Camille Pissarro’s painting ‘Woman hanging up the washing’, presents a very typical image of women, especially for the times. She is doing chores and along with this, while she does them there is a child near her, we assume it is her child or one that she is looking after. The subject has not been glamorised in any way. She is wearing dull, ordinary clothes and doing common work, although the background is quite lush, suggesting she could be a maid of some sort. Most paintings depicting women doing work have similar ideas to ‘Woman hanging up the washing’, for example Millets ‘The Gleaners’. The women are working doing common tasks that need to be done, they have not been glamorised or made to look particularly beautiful or relaxed. They are wearing common clothes and seem to be focused on what they are doing. Both these paintings, along with many realist and impressionist paintings showing women at work are of the working class, but the painting style does not create a dark, unhappy image of working class chores. ‘Woman hanging up the washing’ looks bright and sunny and the subjects of ‘The Gleaners’ do not appear to be tired or worn out, so although the women are not glamorised in these paintings, they are not made to seem sad or tired either, which is what we might expect.

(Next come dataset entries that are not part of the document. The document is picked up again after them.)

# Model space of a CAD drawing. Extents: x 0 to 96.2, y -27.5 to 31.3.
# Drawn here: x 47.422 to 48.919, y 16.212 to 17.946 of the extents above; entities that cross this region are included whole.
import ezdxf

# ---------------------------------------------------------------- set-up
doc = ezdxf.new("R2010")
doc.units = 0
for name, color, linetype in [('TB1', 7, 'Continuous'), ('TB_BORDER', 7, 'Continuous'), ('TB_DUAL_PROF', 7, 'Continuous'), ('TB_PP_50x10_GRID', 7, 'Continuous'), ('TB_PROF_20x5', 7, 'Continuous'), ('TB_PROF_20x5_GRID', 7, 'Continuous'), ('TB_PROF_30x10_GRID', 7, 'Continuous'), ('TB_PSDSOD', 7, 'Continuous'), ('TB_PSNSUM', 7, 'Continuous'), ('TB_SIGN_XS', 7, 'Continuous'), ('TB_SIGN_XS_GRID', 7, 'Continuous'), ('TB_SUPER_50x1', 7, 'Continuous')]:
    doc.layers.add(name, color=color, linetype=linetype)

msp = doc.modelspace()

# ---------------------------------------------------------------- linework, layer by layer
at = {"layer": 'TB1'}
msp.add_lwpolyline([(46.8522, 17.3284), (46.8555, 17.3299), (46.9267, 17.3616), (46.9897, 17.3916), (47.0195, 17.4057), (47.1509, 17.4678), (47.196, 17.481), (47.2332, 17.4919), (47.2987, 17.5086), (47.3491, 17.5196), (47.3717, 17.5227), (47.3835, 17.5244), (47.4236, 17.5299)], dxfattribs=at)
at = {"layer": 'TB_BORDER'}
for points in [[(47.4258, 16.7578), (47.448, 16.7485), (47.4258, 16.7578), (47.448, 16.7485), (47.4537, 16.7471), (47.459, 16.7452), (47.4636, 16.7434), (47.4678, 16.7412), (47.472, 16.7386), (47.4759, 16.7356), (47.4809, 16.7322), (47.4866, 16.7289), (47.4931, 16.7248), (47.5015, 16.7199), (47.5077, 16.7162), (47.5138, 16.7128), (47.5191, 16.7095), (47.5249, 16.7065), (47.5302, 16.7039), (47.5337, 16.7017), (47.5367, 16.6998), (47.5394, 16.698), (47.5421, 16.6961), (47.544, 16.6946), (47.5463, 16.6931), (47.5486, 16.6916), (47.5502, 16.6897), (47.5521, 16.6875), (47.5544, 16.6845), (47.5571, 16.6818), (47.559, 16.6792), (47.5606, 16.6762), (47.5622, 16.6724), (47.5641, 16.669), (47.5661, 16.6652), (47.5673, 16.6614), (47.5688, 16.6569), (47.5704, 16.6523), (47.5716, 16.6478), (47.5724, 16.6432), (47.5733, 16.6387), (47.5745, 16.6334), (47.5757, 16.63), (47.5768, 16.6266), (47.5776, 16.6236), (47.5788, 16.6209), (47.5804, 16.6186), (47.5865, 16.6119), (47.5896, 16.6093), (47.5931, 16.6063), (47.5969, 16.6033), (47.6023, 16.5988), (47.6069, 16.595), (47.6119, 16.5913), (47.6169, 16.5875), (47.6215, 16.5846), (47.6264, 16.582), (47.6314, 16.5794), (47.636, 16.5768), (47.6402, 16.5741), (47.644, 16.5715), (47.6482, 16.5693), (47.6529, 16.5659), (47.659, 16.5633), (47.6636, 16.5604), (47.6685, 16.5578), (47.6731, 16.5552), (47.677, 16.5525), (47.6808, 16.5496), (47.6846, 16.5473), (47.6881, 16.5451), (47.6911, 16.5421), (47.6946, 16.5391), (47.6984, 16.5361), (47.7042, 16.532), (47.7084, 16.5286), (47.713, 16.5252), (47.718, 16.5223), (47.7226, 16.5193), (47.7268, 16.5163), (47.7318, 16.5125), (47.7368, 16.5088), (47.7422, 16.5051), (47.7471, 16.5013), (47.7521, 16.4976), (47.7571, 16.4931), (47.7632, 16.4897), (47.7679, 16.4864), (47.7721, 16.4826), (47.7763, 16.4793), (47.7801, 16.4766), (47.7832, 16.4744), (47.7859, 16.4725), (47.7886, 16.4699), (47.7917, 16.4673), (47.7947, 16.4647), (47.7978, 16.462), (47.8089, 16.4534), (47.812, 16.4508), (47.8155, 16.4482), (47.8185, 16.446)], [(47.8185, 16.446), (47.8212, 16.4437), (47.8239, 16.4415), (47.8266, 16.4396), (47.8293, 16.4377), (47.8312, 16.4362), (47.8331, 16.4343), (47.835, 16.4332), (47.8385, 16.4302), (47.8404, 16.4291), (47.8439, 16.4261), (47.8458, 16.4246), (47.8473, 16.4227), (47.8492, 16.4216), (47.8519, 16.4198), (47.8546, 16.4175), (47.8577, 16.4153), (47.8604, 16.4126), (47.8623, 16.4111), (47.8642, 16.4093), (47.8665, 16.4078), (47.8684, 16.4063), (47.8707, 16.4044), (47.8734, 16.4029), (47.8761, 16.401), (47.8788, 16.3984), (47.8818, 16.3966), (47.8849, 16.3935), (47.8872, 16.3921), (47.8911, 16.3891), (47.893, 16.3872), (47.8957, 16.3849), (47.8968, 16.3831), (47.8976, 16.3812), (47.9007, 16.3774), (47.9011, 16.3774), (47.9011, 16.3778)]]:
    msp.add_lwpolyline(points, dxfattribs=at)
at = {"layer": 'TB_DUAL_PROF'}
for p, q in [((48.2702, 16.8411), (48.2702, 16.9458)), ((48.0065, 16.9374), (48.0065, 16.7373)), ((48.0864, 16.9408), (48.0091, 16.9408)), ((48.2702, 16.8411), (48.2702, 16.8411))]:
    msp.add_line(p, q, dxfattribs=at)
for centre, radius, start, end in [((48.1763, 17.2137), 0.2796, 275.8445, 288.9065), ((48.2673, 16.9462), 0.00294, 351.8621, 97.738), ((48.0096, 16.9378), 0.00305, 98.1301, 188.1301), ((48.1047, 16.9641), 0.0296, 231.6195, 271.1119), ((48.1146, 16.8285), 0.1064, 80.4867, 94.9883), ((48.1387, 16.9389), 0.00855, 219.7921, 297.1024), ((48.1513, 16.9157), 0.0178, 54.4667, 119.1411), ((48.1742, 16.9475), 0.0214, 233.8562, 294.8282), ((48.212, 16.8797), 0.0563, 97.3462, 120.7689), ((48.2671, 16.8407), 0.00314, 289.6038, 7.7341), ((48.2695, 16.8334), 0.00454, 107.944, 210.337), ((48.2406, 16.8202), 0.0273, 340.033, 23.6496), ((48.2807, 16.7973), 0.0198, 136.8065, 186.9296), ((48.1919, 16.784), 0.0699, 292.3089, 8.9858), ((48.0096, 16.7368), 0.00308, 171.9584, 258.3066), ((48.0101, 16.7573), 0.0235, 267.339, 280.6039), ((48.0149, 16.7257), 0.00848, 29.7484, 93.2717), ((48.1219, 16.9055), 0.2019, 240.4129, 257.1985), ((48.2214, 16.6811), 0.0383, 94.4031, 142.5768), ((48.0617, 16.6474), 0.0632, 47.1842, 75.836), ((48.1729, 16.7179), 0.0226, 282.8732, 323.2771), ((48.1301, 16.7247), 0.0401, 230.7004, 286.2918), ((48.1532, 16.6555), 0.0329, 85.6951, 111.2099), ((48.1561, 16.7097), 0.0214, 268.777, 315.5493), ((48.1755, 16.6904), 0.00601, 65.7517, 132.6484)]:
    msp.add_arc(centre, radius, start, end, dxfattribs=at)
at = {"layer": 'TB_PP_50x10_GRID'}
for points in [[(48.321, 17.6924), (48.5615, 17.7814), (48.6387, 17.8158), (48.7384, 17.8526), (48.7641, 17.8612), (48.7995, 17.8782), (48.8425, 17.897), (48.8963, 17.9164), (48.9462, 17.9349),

Other Impressionist and Realist paintings show women relaxing or bathing, sometimes also nude. Morisot’s ‘Lady at her toilette’ 1875, shows a woman in front of her mirror. This woman does appear to be very glamorous, wearing a big formal looking dress, jewellery and a very stylish hair do. She seems rich and upper class. We do not see her face, but from the way she is shown and the painting style, we almost automatically assume she is pretty and young. The colours used are pastels, making the scene very calm and relaxed. Manet’s ‘Olympia’ is another famous depiction of a woman relaxing. She looks very glamorous, even though she is naked, the way she is sitting, her jewellery and the fact the her maid is bringing her flowers, all make her look very sophisticated and feminine.
Overall, we can see two main ways that Impressionist and Realist artists presented woman, either working class women doing chores and working, or higher class women, sitting in front of mirror or relaxing. Either way, the images are never painting in a dark, unhappy style; the colours used are always bright and calm. The artists always seemed to present women in a positive way. Paintings such as ‘The cradle’ also show their maternal side. The nude paintings were not done in a sexual way, more of an insight to the intimate life of a woman, so the viewer feels like they are seeing something personal.